***** EXERCISE INPUTS
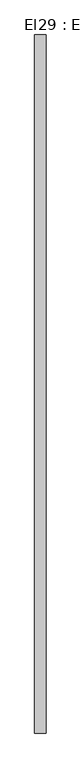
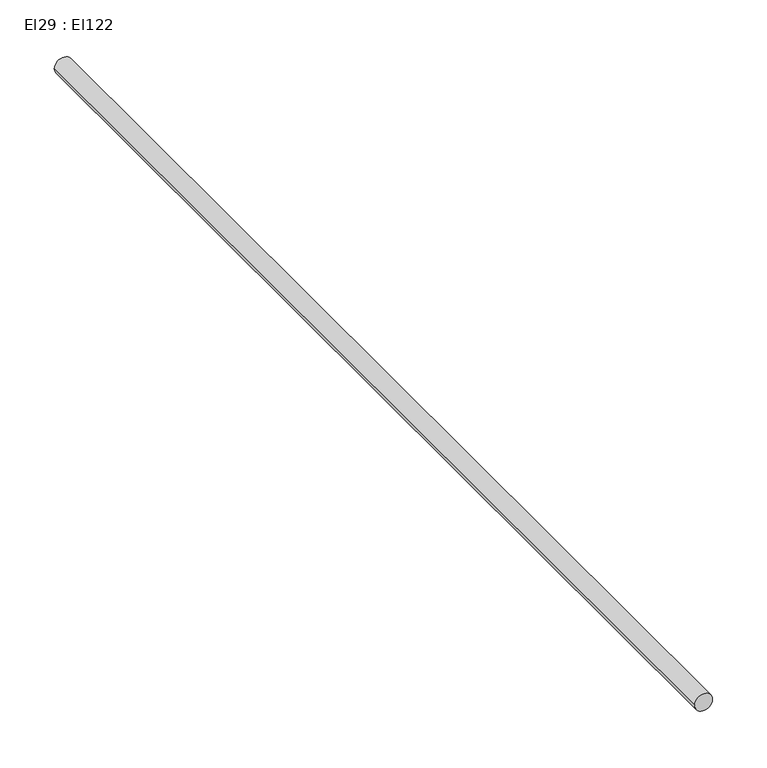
"""IFC4 building model written with IfcOpenShell, lengths in millimetres: cable carrier segment geometry, El29 : El122."""

from ifc_helpers import new_model, si_unit, point, frame, frame_2d, origin, place, context, project, spatial, circle_curve, trimmed, segment, composite_curve, outline, extrude, source, transform, mapped, element, save


def el29_el122_15501611(model_context):
    return source(origin(), model_context, "Body", "SweptSolid", [
        extrude(outline(composite_curve([segment(trimmed(circle_curve(frame_2d((1800.0, 27794.4746511)), 9.5), [point((1800.0, 27784.9746511))], [point((1800.0, 27803.9746511))], False, "CARTESIAN"), True, "CONTINUOUS"), segment(trimmed(circle_curve(frame_2d((1800.0, 27794.4746511)), 9.5), [point((1800.0, 27803.9746511))], [point((1800.0, 27784.9746511))], False, "CARTESIAN"), True, "CONTINUOUS")], self_intersect=False)), frame((0.0, 1007.6031745, 0.0), z_axis=(0.0, 1.0, 0.0), x_axis=(0.0, 0.0, 1.0)), (0.0, 0.0, 1.0), 1178.42),
    ])


if __name__ == "__main__":
    model = new_model("IFC4")
    model_context = context("Model", 3, world=origin())
    ifc_project = project(units=[si_unit("LENGTHUNIT", "METRE", prefix="MILLI")], contexts=[model_context])
    site = spatial("IfcSite", under=ifc_project)
    building = spatial("IfcBuilding", under=site)
    placement = place(None, origin())
    el29_el122_shape = el29_el122_15501611(model_context)
    element("IfcCableCarrierSegment", 1, ObjectType="El29 : El122", at=placement, inside=building, context=model_context, shape_type="MappedRepresentation", body=[
        mapped(el29_el122_shape, transform((0.0, 0.0, 0.0), x_axis=(1.0, 0.0, 0.0), y_axis=(0.0, 1.0, 0.0), z_axis=(0.0, 0.0, 1.0))),
    ])
    save(model, "model.ifc")
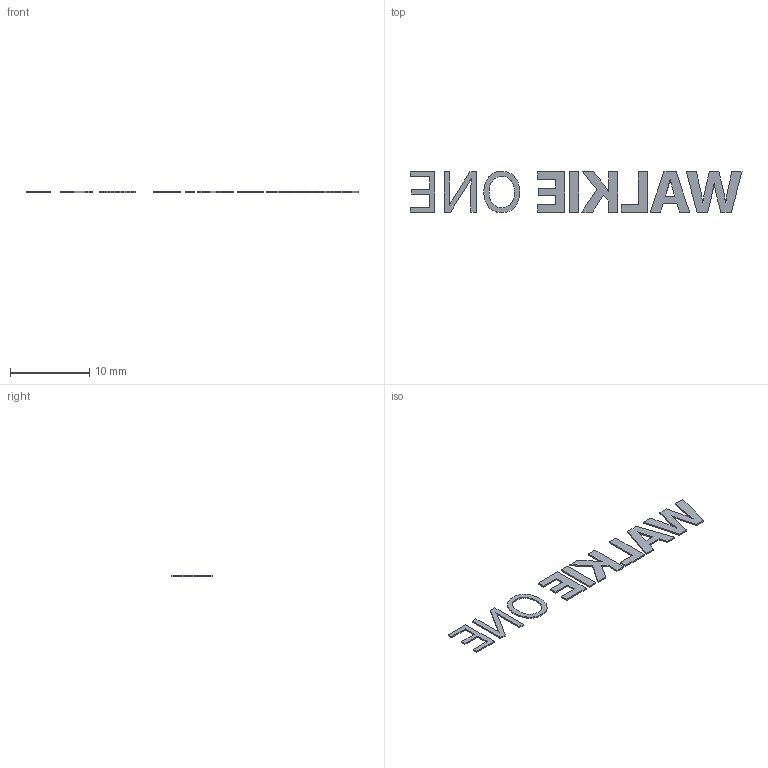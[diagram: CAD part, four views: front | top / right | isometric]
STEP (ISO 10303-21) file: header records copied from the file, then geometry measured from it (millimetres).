
FILE_DESCRIPTION(('Open CASCADE Model'),'2;1');
FILE_NAME('Open CASCADE Shape Model','2026-09-04T20:17:54',('Author'),( 'Open CASCADE'),'Open CASCADE STEP processor 7.7','Open CASCADE 7.7' ,'Unknown');
FILE_SCHEMA(('AUTOMOTIVE_DESIGN { 1 0 10303 214 1 1 1 1 }'));
Length unit declared in the file: millimetre
Products named in the file (10): Open CASCADE STEP translator 7.7 1; Open CASCADE STEP translator 7.7 1.1; Open CASCADE STEP translator 7.7 1.2; Open CASCADE STEP translator 7.7 1.3; Open CASCADE STEP translator 7.7 1.4; Open CASCADE STEP translator 7.7 1.5; Open CASCADE STEP translator 7.7 1.6; Open CASCADE STEP translator 7.7 1.7; Open CASCADE STEP translator 7.7 1.8; Open CASCADE STEP translator 7.7 1.9
Assembly tree (9 placements, depth 2):
  Open CASCADE STEP translator 7.7 1
    Open CASCADE STEP translator 7.7 1.1
    Open CASCADE STEP translator 7.7 1.2
    Open CASCADE STEP translator 7.7 1.3
    Open CASCADE STEP translator 7.7 1.4
    Open CASCADE STEP translator 7.7 1.5
    Open CASCADE STEP translator 7.7 1.6
    Open CASCADE STEP translator 7.7 1.7
    Open CASCADE STEP translator 7.7 1.8
    Open CASCADE STEP translator 7.7 1.9
Bounding box: 42 x 5.23 x 0.17 mm (x, y, z)
Volume: 16.9 mm3; surface area: 238.3 mm2
Topology: 9 solids, 9 shells, 158 faces, 420 edges, 280 vertices
Faces by surface type: plane 99, extrusion 59
Entity records: 10546 total; most frequent: CARTESIAN_POINT 2298, DIRECTION 1301, VECTOR 1083, LINE 1024, ORIENTED_EDGE 840, PCURVE 840, DEFINITIONAL_REPRESENTATION 840, EDGE_CURVE 420
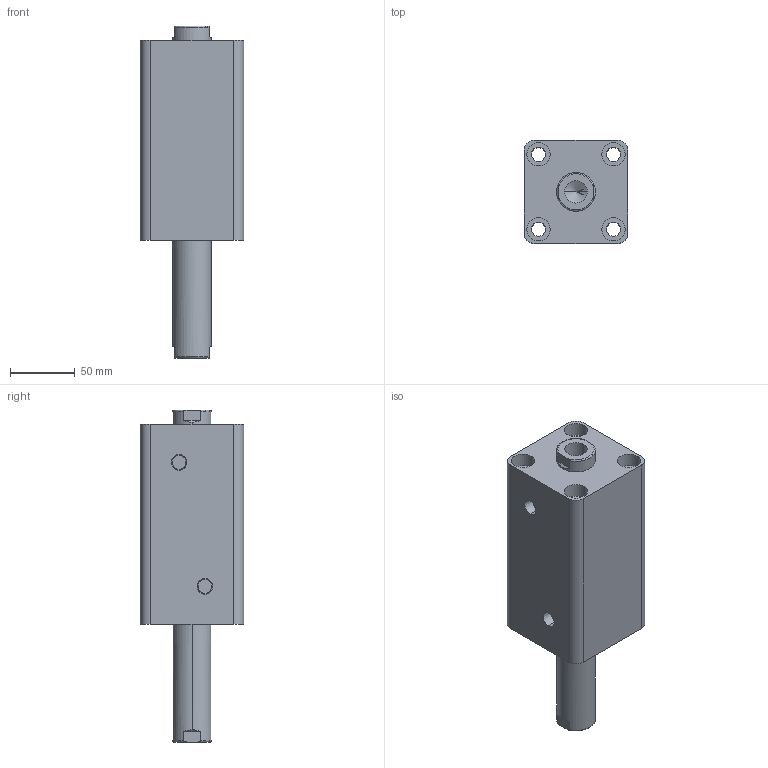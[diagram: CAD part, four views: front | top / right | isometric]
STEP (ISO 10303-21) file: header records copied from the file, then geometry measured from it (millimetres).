
FILE_DESCRIPTION (( 'STEP AP203' ), '1' );
FILE_NAME ('HTB-SW50-80N.STEP', '2019-10-07T09:24:04', ( '微软用户' ), ( '微软中国' ), 'SwSTEP 2.0', 'SolidWorks 2012', '' );
FILE_SCHEMA (( 'CONFIG_CONTROL_DESIGN' ));
Length unit declared in the file: millimetre
Products named in the file (3): HTB-SW50-80N; HTB-SW50-80N活塞杆; HTB-SW50-80掛极
Assembly tree (2 placements, depth 2):
  HTB-SW50-80N
    HTB-SW50-80掛极
    HTB-SW50-80N活塞杆
Bounding box: 80 x 80 x 257 mm (x, y, z)
Volume: 866723 mm3; surface area: 137680.6 mm2
Topology: 2 solids, 2 shells, 100 faces, 228 edges, 146 vertices
Faces by surface type: cylinder 48, plane 32, torus 12, cone 8
Entity records: 3237 total; most frequent: CARTESIAN_POINT 595, DIRECTION 542, ORIENTED_EDGE 448, AXIS2_PLACEMENT_3D 229, EDGE_CURVE 224, VERTEX_POINT 146, EDGE_LOOP 128, CIRCLE 124
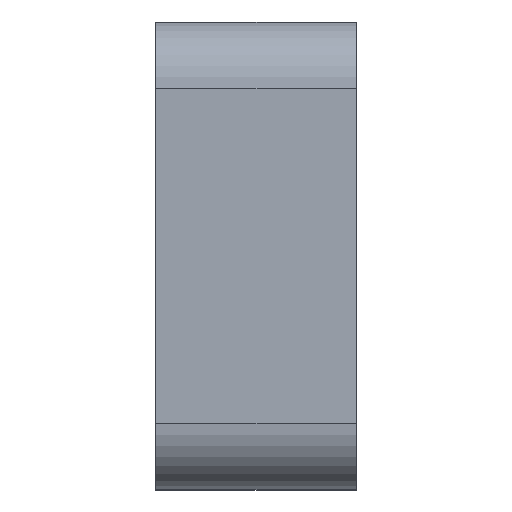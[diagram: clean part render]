
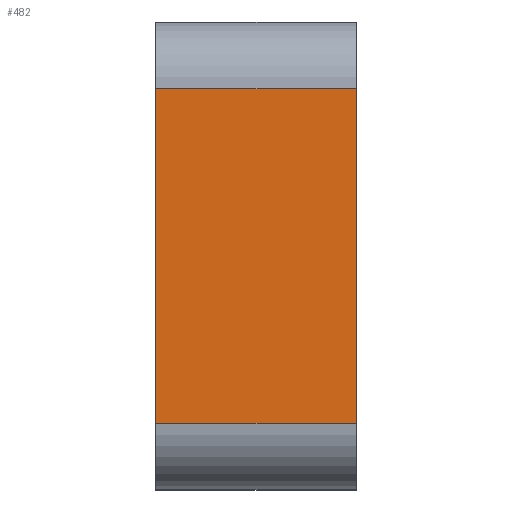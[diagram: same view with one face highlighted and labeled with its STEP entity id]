
A CAD part, left-side view. The second image highlights one B-rep face of the part: STEP entity #482.
In plain terms, the highlighted planar face has unit normal (-1, 0, 0).
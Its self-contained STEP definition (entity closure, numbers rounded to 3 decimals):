
#3 = VERTEX_POINT ( 'NONE', #414 ) ;
#11 = VERTEX_POINT ( 'NONE', #416 ) ;
#55 = DIRECTION ( 'NONE',  ( 1., 0., 0. ) ) ;
#56 = AXIS2_PLACEMENT_3D ( 'NONE', #411, #55, #332 ) ;
#81 = DIRECTION ( 'NONE',  ( 0., -1., 0. ) ) ;
#103 = DIRECTION ( 'NONE',  ( 0., 0., 1. ) ) ;
#109 = EDGE_CURVE ( 'NONE', #11, #141, #116, .T. ) ;
#116 = LINE ( 'NONE', #436, #347 ) ;
#127 = ORIENTED_EDGE ( 'NONE', *, *, #404, .T. ) ;
#141 = VERTEX_POINT ( 'NONE', #520 ) ;
#154 = DIRECTION ( 'NONE',  ( 0., 0., 1. ) ) ;
#181 = CARTESIAN_POINT ( 'NONE',  ( -14., 0., 3.5 ) ) ;
#256 = FACE_OUTER_BOUND ( 'NONE', #462, .T. ) ;
#257 = CARTESIAN_POINT ( 'NONE',  ( -14., 3., 2.5 ) ) ;
#296 = PLANE ( 'NONE',  #56 ) ;
#319 = EDGE_CURVE ( 'NONE', #321, #3, #426, .T. ) ;
#321 = VERTEX_POINT ( 'NONE', #376 ) ;
#332 = DIRECTION ( 'NONE',  ( 0., 0., -1. ) ) ;
#347 = VECTOR ( 'NONE', #81, 1000. ) ;
#354 = ORIENTED_EDGE ( 'NONE', *, *, #502, .F. ) ;
#370 = ORIENTED_EDGE ( 'NONE', *, *, #319, .T. ) ;
#376 = CARTESIAN_POINT ( 'NONE',  ( -14., 0., 2.5 ) ) ;
#387 = DIRECTION ( 'NONE',  ( 0., 1., 0. ) ) ;
#404 = EDGE_CURVE ( 'NONE', #141, #321, #496, .T. ) ;
#411 = CARTESIAN_POINT ( 'NONE',  ( -14., 3., 3.5 ) ) ;
#414 = CARTESIAN_POINT ( 'NONE',  ( -14., 3., 2.5 ) ) ;
#416 = CARTESIAN_POINT ( 'NONE',  ( -14., 3., -2.5 ) ) ;
#426 = LINE ( 'NONE', #257, #491 ) ;
#436 = CARTESIAN_POINT ( 'NONE',  ( -14., 3., -2.5 ) ) ;
#452 = VECTOR ( 'NONE', #103, 1000. ) ;
#462 = EDGE_LOOP ( 'NONE', ( #354, #506, #127, #370 ) ) ;
#472 = LINE ( 'NONE', #519, #511 ) ;
#482 = ADVANCED_FACE ( 'NONE', ( #256 ), #296, .F. ) ;
#491 = VECTOR ( 'NONE', #387, 1000. ) ;
#496 = LINE ( 'NONE', #181, #452 ) ;
#502 = EDGE_CURVE ( 'NONE', #11, #3, #472, .T. ) ;
#506 = ORIENTED_EDGE ( 'NONE', *, *, #109, .T. ) ;
#511 = VECTOR ( 'NONE', #154, 1000. ) ;
#519 = CARTESIAN_POINT ( 'NONE',  ( -14., 3., 3.5 ) ) ;
#520 = CARTESIAN_POINT ( 'NONE',  ( -14., 0., -2.5 ) ) ;
**********
→ **WHAT YOU NEED TO DO**: Copy the lines above exactly. Start with the line containing "#3 = VERTEX_POINT ( 'NONE', #414 ) ;", end with the line containing "#491 = VECTOR ( 'NONE', #387, 1000. ) ;", and include both.

→ **EXERCISE RESULT**:
#3 = VERTEX_POINT ( 'NONE', #414 ) ;
#11 = VERTEX_POINT ( 'NONE', #416 ) ;
#55 = DIRECTION ( 'NONE',  ( 1., 0., 0. ) ) ;
#56 = AXIS2_PLACEMENT_3D ( 'NONE', #411, #55, #332 ) ;
#81 = DIRECTION ( 'NONE',  ( 0., -1., 0. ) ) ;
#103 = DIRECTION ( 'NONE',  ( 0., 0., 1. ) ) ;
#109 = EDGE_CURVE ( 'NONE', #11, #141, #116, .T. ) ;
#116 = LINE ( 'NONE', #436, #347 ) ;
#127 = ORIENTED_EDGE ( 'NONE', *, *, #404, .T. ) ;
#141 = VERTEX_POINT ( 'NONE', #520 ) ;
#154 = DIRECTION ( 'NONE',  ( 0., 0., 1. ) ) ;
#181 = CARTESIAN_POINT ( 'NONE',  ( -14., 0., 3.5 ) ) ;
#256 = FACE_OUTER_BOUND ( 'NONE', #462, .T. ) ;
#257 = CARTESIAN_POINT ( 'NONE',  ( -14., 3., 2.5 ) ) ;
#296 = PLANE ( 'NONE',  #56 ) ;
#319 = EDGE_CURVE ( 'NONE', #321, #3, #426, .T. ) ;
#321 = VERTEX_POINT ( 'NONE', #376 ) ;
#332 = DIRECTION ( 'NONE',  ( 0., 0., -1. ) ) ;
#347 = VECTOR ( 'NONE', #81, 1000. ) ;
#354 = ORIENTED_EDGE ( 'NONE', *, *, #502, .F. ) ;
#370 = ORIENTED_EDGE ( 'NONE', *, *, #319, .T. ) ;
#376 = CARTESIAN_POINT ( 'NONE',  ( -14., 0., 2.5 ) ) ;
#387 = DIRECTION ( 'NONE',  ( 0., 1., 0. ) ) ;
#404 = EDGE_CURVE ( 'NONE', #141, #321, #496, .T. ) ;
#411 = CARTESIAN_POINT ( 'NONE',  ( -14., 3., 3.5 ) ) ;
#414 = CARTESIAN_POINT ( 'NONE',  ( -14., 3., 2.5 ) ) ;
#416 = CARTESIAN_POINT ( 'NONE',  ( -14., 3., -2.5 ) ) ;
#426 = LINE ( 'NONE', #257, #491 ) ;
#436 = CARTESIAN_POINT ( 'NONE',  ( -14., 3., -2.5 ) ) ;
#452 = VECTOR ( 'NONE', #103, 1000. ) ;
#462 = EDGE_LOOP ( 'NONE', ( #354, #506, #127, #370 ) ) ;
#472 = LINE ( 'NONE', #519, #511 ) ;
#482 = ADVANCED_FACE ( 'NONE', ( #256 ), #296, .F. ) ;
#491 = VECTOR ( 'NONE', #387, 1000. ) ;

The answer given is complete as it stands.